**TASK INPUT**
########################################

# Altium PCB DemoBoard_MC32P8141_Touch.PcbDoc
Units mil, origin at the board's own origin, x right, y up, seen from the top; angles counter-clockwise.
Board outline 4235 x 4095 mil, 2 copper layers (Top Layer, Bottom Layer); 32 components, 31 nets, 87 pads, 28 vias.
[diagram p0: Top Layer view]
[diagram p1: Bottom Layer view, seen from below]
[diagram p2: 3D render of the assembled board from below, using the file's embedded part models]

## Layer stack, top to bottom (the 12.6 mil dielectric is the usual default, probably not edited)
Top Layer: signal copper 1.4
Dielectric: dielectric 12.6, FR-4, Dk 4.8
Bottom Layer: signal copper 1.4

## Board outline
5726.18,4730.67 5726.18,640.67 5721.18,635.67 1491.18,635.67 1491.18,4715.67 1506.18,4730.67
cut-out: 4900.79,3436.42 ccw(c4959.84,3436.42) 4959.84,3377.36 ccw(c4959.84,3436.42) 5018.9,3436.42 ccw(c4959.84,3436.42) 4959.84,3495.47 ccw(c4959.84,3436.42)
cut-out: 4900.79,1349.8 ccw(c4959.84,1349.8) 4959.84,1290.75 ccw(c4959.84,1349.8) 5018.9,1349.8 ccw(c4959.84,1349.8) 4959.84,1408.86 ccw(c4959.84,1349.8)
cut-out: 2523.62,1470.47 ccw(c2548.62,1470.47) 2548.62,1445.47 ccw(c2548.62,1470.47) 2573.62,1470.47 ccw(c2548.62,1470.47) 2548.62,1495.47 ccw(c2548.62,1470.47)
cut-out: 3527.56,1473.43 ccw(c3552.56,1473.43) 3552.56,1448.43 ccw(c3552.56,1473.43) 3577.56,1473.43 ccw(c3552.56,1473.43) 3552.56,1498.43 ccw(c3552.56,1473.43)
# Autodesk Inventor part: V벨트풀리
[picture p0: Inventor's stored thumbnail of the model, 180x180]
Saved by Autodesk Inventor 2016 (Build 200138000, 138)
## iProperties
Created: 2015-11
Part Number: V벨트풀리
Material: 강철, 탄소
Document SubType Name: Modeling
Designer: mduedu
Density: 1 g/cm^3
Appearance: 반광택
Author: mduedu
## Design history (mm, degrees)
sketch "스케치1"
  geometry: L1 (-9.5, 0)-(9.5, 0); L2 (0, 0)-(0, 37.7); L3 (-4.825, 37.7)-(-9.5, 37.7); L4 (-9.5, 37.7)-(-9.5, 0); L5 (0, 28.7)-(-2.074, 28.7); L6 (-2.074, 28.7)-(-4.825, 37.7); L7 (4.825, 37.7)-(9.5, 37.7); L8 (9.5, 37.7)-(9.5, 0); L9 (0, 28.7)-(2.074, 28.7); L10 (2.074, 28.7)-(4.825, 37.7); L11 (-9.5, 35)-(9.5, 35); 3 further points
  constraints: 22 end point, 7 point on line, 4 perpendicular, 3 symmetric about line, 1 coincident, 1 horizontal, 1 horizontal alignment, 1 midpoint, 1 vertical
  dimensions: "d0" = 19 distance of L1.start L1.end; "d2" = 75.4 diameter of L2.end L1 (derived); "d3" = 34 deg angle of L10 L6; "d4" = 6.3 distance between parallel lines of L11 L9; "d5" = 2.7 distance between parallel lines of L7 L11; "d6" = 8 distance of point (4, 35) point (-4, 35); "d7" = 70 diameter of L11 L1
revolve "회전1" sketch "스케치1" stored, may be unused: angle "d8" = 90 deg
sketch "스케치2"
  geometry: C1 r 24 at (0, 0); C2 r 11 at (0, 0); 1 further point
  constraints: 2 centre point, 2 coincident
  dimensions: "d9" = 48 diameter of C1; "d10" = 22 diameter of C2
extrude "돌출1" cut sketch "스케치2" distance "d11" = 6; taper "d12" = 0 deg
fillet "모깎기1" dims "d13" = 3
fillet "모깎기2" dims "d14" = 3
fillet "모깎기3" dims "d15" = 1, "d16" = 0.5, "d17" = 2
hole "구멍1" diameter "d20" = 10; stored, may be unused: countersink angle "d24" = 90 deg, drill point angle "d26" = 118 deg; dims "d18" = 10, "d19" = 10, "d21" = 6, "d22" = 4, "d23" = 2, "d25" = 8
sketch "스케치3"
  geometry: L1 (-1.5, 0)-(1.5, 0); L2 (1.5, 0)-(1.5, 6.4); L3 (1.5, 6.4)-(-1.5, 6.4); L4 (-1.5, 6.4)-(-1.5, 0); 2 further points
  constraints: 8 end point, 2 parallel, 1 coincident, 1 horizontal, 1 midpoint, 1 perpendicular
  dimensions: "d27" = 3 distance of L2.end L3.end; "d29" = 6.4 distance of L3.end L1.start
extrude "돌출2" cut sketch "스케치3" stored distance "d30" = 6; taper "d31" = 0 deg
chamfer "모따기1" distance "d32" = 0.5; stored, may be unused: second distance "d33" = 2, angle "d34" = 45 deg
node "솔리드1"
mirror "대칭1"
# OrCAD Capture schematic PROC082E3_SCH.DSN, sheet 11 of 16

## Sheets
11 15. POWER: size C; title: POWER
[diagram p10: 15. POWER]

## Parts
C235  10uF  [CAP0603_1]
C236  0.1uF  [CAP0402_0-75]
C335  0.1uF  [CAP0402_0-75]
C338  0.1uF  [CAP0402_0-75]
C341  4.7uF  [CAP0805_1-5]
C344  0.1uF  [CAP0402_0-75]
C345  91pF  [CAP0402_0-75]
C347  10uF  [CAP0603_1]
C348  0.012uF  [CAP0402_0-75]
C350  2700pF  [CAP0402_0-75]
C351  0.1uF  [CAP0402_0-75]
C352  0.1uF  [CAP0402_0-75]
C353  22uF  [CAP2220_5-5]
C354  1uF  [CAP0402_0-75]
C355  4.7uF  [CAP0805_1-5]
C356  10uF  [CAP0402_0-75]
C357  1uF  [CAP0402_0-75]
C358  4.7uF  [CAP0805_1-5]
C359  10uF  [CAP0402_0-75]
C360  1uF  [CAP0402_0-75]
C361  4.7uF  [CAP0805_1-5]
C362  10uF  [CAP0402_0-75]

########################################

**WHAT YOU NEED TO DO**
Write the listing out again, exactly as it reads.

**RESULT OF THIS EXERCISE**
# Altium PCB DemoBoard_MC32P8141_Touch.PcbDoc
Units mil, origin at the board's own origin, x right, y up, seen from the top; angles counter-clockwise.
Board outline 4235 x 4095 mil, 2 copper layers (Top Layer, Bottom Layer); 32 components, 31 nets, 87 pads, 28 vias.
[diagram p0: Top Layer view]
[diagram p1: Bottom Layer view, seen from below]
[diagram p2: 3D render of the assembled board from below, using the file's embedded part models]

## Layer stack, top to bottom (the 12.6 mil dielectric is the usual default, probably not edited)
Top Layer: signal copper 1.4
Dielectric: dielectric 12.6, FR-4, Dk 4.8
Bottom Layer: signal copper 1.4

## Board outline
5726.18,4730.67 5726.18,640.67 5721.18,635.67 1491.18,635.67 1491.18,4715.67 1506.18,4730.67
cut-out: 4900.79,3436.42 ccw(c4959.84,3436.42) 4959.84,3377.36 ccw(c4959.84,3436.42) 5018.9,3436.42 ccw(c4959.84,3436.42) 4959.84,3495.47 ccw(c4959.84,3436.42)
cut-out: 4900.79,1349.8 ccw(c4959.84,1349.8) 4959.84,1290.75 ccw(c4959.84,1349.8) 5018.9,1349.8 ccw(c4959.84,1349.8) 4959.84,1408.86 ccw(c4959.84,1349.8)
cut-out: 2523.62,1470.47 ccw(c2548.62,1470.47) 2548.62,1445.47 ccw(c2548.62,1470.47) 2573.62,1470.47 ccw(c2548.62,1470.47) 2548.62,1495.47 ccw(c2548.62,1470.47)
cut-out: 3527.56,1473.43 ccw(c3552.56,1473.43) 3552.56,1448.43 ccw(c3552.56,1473.43) 3577.56,1473.43 ccw(c3552.56,1473.43) 3552.56,1498.43 ccw(c3552.56,1473.43)
# Autodesk Inventor part: V벨트풀리
[picture p0: Inventor's stored thumbnail of the model, 180x180]
Saved by Autodesk Inventor 2016 (Build 200138000, 138)
## iProperties
Created: 2015-11
Part Number: V벨트풀리
Material: 강철, 탄소
Document SubType Name: Modeling
Designer: mduedu
Density: 1 g/cm^3
Appearance: 반광택
Author: mduedu
## Design history (mm, degrees)
sketch "스케치1"
  geometry: L1 (-9.5, 0)-(9.5, 0); L2 (0, 0)-(0, 37.7); L3 (-4.825, 37.7)-(-9.5, 37.7); L4 (-9.5, 37.7)-(-9.5, 0); L5 (0, 28.7)-(-2.074, 28.7); L6 (-2.074, 28.7)-(-4.825, 37.7); L7 (4.825, 37.7)-(9.5, 37.7); L8 (9.5, 37.7)-(9.5, 0); L9 (0, 28.7)-(2.074, 28.7); L10 (2.074, 28.7)-(4.825, 37.7); L11 (-9.5, 35)-(9.5, 35); 3 further points
  constraints: 22 end point, 7 point on line, 4 perpendicular, 3 symmetric about line, 1 coincident, 1 horizontal, 1 horizontal alignment, 1 midpoint, 1 vertical
  dimensions: "d0" = 19 distance of L1.start L1.end; "d2" = 75.4 diameter of L2.end L1 (derived); "d3" = 34 deg angle of L10 L6; "d4" = 6.3 distance between parallel lines of L11 L9; "d5" = 2.7 distance between parallel lines of L7 L11; "d6" = 8 distance of point (4, 35) point (-4, 35); "d7" = 70 diameter of L11 L1
revolve "회전1" sketch "스케치1" stored, may be unused: angle "d8" = 90 deg
sketch "스케치2"
  geometry: C1 r 24 at (0, 0); C2 r 11 at (0, 0); 1 further point
  constraints: 2 centre point, 2 coincident
  dimensions: "d9" = 48 diameter of C1; "d10" = 22 diameter of C2
extrude "돌출1" cut sketch "스케치2" distance "d11" = 6; taper "d12" = 0 deg
fillet "모깎기1" dims "d13" = 3
fillet "모깎기2" dims "d14" = 3
fillet "모깎기3" dims "d15" = 1, "d16" = 0.5, "d17" = 2
hole "구멍1" diameter "d20" = 10; stored, may be unused: countersink angle "d24" = 90 deg, drill point angle "d26" = 118 deg; dims "d18" = 10, "d19" = 10, "d21" = 6, "d22" = 4, "d23" = 2, "d25" = 8
sketch "스케치3"
  geometry: L1 (-1.5, 0)-(1.5, 0); L2 (1.5, 0)-(1.5, 6.4); L3 (1.5, 6.4)-(-1.5, 6.4); L4 (-1.5, 6.4)-(-1.5, 0); 2 further points
  constraints: 8 end point, 2 parallel, 1 coincident, 1 horizontal, 1 midpoint, 1 perpendicular
  dimensions: "d27" = 3 distance of L2.end L3.end; "d29" = 6.4 distance of L3.end L1.start
extrude "돌출2" cut sketch "스케치3" stored distance "d30" = 6; taper "d31" = 0 deg
chamfer "모따기1" distance "d32" = 0.5; stored, may be unused: second distance "d33" = 2, angle "d34" = 45 deg
node "솔리드1"
mirror "대칭1"
# OrCAD Capture schematic PROC082E3_SCH.DSN, sheet 11 of 16

## Sheets
11 15. POWER: size C; title: POWER
[diagram p10: 15. POWER]

## Parts
C235  10uF  [CAP0603_1]
C236  0.1uF  [CAP0402_0-75]
C335  0.1uF  [CAP0402_0-75]
C338  0.1uF  [CAP0402_0-75]
C341  4.7uF  [CAP0805_1-5]
C344  0.1uF  [CAP0402_0-75]
C345  91pF  [CAP0402_0-75]
C347  10uF  [CAP0603_1]
C348  0.012uF  [CAP0402_0-75]
C350  2700pF  [CAP0402_0-75]
C351  0.1uF  [CAP0402_0-75]
C352  0.1uF  [CAP0402_0-75]
C353  22uF  [CAP2220_5-5]
C354  1uF  [CAP0402_0-75]
C355  4.7uF  [CAP0805_1-5]
C356  10uF  [CAP0402_0-75]
C357  1uF  [CAP0402_0-75]
C358  4.7uF  [CAP0805_1-5]
C359  10uF  [CAP0402_0-75]
C360  1uF  [CAP0402_0-75]
C361  4.7uF  [CAP0805_1-5]
C362  10uF  [CAP0402_0-75]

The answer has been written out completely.